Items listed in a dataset
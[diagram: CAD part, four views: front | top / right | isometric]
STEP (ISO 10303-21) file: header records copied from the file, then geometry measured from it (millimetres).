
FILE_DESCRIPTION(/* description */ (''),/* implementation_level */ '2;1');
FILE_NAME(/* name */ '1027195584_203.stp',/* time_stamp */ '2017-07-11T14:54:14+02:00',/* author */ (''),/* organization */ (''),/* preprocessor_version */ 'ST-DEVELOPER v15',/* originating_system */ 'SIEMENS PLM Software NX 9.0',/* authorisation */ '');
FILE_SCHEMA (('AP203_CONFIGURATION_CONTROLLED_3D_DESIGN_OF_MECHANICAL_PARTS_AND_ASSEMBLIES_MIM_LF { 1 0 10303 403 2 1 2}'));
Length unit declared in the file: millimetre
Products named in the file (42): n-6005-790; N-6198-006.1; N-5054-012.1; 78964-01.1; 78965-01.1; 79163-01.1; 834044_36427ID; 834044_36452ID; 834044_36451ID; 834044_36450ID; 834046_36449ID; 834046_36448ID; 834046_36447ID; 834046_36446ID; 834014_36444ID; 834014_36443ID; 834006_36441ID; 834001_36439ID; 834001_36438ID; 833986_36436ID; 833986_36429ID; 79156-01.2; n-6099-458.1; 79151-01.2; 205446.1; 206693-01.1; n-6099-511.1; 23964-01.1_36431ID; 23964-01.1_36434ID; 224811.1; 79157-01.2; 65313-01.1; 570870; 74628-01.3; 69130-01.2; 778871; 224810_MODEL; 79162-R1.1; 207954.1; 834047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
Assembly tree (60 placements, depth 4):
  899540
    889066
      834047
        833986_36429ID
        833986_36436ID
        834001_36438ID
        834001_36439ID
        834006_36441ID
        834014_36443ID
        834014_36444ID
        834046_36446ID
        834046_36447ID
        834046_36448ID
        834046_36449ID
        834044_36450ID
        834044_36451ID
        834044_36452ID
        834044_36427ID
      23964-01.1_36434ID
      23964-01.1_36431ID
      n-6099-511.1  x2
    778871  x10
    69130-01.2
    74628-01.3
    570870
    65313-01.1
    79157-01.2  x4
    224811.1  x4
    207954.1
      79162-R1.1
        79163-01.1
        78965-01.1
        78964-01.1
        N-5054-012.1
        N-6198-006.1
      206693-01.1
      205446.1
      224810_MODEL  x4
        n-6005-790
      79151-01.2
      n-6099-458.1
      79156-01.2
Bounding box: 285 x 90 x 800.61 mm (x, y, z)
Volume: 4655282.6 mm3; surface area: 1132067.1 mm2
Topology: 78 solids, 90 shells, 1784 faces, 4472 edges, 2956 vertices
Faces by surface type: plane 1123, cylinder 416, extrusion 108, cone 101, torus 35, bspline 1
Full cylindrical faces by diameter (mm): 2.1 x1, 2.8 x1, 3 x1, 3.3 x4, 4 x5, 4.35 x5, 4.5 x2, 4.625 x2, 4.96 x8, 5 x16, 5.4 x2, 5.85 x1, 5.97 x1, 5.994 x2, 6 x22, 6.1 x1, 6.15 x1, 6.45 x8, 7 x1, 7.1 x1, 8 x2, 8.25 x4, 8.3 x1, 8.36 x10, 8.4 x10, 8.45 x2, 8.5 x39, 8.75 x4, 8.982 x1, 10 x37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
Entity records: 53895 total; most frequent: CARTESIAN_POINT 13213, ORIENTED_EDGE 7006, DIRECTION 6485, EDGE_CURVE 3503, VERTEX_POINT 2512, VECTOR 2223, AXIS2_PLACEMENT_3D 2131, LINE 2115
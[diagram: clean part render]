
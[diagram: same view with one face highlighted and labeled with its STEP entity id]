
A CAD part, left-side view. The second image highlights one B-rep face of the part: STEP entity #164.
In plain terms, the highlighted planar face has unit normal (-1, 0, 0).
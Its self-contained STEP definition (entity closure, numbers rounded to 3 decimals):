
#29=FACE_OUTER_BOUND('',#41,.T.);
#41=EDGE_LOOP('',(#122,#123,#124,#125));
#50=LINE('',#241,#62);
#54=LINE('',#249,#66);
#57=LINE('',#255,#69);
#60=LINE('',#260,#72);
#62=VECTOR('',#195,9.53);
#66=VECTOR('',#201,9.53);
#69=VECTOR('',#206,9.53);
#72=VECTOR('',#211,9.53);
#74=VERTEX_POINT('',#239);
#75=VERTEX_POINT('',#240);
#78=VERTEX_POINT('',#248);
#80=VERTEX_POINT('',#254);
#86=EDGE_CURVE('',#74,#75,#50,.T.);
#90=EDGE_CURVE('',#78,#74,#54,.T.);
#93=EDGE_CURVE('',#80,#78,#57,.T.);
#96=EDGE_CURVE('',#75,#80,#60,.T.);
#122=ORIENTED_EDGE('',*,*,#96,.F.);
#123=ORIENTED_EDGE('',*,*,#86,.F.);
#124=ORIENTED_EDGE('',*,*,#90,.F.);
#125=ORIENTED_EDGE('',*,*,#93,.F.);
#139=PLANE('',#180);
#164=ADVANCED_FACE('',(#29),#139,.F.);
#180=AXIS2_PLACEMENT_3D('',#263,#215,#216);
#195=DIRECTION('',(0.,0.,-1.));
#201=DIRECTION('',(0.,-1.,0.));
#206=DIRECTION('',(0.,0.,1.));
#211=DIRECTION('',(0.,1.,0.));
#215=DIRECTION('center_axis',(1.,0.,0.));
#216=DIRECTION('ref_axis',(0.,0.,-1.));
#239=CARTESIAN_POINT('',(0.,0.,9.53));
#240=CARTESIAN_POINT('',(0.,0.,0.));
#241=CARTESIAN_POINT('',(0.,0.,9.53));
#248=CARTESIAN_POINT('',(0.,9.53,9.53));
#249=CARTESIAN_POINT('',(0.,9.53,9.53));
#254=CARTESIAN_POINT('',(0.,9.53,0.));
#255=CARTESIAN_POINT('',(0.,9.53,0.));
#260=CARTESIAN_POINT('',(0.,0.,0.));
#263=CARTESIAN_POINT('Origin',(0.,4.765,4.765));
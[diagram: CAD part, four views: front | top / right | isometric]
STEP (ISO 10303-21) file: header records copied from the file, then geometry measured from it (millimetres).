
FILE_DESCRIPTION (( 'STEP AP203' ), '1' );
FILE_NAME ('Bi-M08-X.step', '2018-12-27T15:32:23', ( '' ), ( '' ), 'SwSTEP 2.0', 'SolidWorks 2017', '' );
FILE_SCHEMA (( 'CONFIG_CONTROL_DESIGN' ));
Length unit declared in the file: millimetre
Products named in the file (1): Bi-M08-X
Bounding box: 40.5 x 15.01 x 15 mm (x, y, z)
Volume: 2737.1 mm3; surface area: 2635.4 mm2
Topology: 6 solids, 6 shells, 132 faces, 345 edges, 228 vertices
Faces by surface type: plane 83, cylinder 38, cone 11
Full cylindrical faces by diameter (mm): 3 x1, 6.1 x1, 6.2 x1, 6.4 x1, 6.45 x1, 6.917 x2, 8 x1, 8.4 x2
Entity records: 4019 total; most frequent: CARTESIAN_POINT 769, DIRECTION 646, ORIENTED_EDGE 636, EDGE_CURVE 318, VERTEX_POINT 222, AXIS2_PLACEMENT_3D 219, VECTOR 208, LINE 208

What the task requires: Scan the entries above for the word "diameter", then copy every line in which it occurs.

Result for this exercise:
Full cylindrical faces by diameter (mm): 2.1 x1, 2.8 x1, 3 x1, 3.3 x4, 4 x5, 4.35 x5, 4.5 x2, 4.625 x2, 4.96 x8, 5 x16, 5.4 x2, 5.85 x1, 5.97 x1, 5.994 x2, 6 x22, 6.1 x1, 6.15 x1, 6.45 x8, 7 x1, 7.1 x1, 8 x2, 8.25 x4, 8.3 x1, 8.36 x10, 8.4 x10, 8.45 x2, 8.5 x39, 8.75 x4, 8.982 x1, 10 x37
Full cylindrical faces by diameter (mm): 3 x1, 6.1 x1, 6.2 x1, 6.4 x1, 6.45 x1, 6.917 x2, 8 x1, 8.4 x2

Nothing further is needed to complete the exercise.